### Prompt
Your answer should be every line from the records that contains "picture".

### Material supplied
Content starts
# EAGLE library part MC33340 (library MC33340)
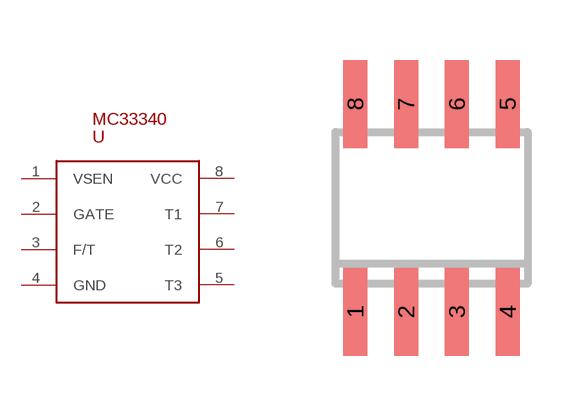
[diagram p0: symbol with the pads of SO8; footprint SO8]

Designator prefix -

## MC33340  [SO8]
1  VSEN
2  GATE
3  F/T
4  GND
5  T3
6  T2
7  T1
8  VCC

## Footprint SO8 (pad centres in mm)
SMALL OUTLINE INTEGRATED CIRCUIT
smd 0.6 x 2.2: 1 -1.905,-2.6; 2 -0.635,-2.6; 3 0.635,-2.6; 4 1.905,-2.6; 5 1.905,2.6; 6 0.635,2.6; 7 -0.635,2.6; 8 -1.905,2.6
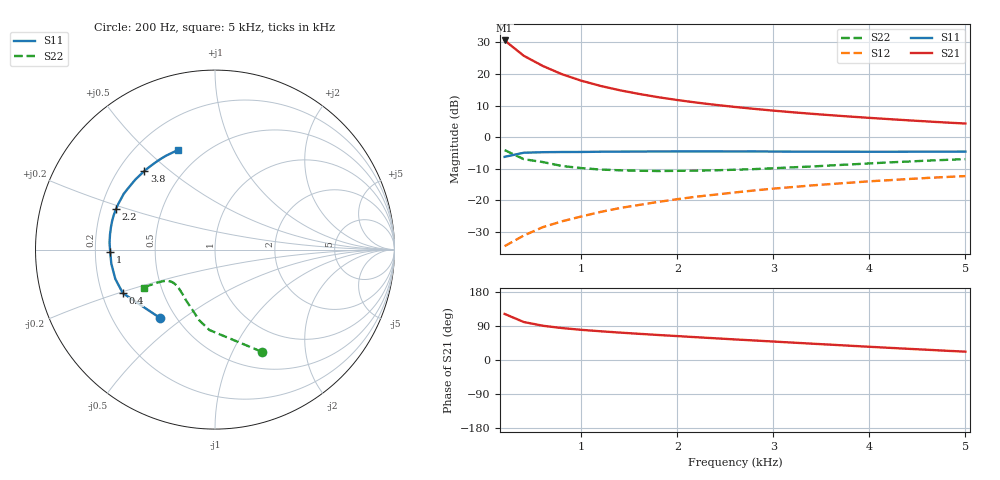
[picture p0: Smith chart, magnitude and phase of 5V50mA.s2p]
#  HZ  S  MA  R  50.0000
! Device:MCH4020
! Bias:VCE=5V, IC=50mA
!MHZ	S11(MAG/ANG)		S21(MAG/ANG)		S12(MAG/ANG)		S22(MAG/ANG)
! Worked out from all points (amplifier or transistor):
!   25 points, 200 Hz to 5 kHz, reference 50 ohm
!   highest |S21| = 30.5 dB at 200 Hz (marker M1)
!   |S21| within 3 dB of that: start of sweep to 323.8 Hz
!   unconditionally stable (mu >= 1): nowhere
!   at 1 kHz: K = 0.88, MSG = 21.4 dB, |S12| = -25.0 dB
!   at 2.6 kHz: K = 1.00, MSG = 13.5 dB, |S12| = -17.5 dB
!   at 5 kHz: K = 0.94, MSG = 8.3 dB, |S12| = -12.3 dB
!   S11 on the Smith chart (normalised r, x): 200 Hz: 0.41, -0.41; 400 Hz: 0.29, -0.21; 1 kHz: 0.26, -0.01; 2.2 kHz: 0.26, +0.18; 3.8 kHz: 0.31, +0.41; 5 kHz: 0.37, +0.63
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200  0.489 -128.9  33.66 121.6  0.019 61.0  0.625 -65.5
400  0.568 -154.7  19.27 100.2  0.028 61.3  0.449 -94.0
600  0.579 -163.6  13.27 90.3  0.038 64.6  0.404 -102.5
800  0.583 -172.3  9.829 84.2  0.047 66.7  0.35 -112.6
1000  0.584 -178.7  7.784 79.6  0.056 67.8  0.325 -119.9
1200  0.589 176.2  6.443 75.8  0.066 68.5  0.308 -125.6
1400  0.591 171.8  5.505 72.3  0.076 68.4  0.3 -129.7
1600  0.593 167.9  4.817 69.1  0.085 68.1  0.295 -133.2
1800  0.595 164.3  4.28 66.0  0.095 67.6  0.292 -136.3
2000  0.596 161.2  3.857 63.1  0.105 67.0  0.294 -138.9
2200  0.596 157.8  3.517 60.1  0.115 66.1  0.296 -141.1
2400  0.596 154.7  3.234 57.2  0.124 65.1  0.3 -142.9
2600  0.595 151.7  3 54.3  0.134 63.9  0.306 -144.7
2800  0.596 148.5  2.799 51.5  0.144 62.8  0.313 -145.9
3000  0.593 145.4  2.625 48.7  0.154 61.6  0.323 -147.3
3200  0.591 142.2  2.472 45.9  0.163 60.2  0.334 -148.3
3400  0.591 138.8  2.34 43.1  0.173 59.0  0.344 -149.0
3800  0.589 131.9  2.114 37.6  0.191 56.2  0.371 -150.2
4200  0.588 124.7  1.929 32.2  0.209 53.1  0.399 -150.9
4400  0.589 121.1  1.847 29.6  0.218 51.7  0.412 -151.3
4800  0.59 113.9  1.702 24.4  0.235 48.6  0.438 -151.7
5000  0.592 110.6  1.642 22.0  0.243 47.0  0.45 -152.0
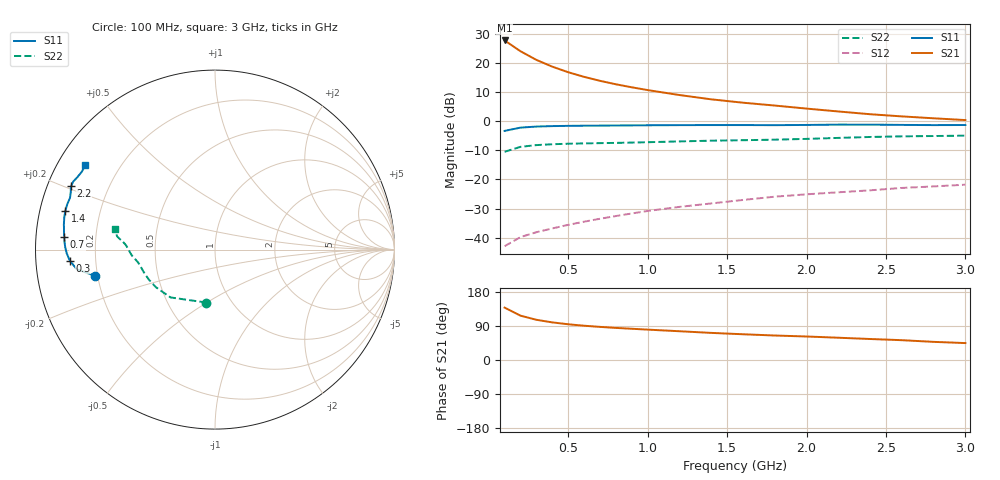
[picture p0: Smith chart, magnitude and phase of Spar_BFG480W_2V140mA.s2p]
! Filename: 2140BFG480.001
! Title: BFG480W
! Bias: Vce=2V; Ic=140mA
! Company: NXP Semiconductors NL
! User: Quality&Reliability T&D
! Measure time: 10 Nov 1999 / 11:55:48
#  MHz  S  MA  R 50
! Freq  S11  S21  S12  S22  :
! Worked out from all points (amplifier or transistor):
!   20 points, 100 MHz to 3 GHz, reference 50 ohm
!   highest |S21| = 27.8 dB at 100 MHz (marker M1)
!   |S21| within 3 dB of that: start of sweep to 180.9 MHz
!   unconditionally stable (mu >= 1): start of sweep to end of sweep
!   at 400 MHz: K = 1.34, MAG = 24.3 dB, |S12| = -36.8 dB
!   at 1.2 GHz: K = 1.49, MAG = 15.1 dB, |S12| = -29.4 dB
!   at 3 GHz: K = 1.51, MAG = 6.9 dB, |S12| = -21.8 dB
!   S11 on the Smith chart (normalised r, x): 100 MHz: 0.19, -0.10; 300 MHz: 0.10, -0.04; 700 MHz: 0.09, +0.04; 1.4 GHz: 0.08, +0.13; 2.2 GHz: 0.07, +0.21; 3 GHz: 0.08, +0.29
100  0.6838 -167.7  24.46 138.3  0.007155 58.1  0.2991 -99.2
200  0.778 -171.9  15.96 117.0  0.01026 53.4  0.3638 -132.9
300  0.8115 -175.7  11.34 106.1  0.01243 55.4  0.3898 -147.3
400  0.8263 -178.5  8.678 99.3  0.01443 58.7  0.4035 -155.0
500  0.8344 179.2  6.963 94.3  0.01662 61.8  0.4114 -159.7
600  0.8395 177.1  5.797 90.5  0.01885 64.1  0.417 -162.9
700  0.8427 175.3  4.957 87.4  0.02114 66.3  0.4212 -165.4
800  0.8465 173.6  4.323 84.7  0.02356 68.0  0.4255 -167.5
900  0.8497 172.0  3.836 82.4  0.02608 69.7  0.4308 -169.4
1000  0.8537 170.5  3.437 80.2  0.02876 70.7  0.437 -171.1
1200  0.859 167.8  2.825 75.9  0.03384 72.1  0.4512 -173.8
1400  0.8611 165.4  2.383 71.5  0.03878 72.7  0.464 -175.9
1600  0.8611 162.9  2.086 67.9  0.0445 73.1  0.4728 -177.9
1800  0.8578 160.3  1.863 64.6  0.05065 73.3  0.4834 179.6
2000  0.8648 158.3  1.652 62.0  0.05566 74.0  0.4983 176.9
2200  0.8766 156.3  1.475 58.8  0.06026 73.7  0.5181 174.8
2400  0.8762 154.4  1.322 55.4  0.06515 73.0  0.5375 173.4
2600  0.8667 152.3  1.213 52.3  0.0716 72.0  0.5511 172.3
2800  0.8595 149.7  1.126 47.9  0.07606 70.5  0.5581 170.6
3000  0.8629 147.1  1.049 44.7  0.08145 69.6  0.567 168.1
Content ends
### Written answer
[picture p0: Smith chart, magnitude and phase of 5V50mA.s2p]
[picture p0: Smith chart, magnitude and phase of Spar_BFG480W_2V140mA.s2p]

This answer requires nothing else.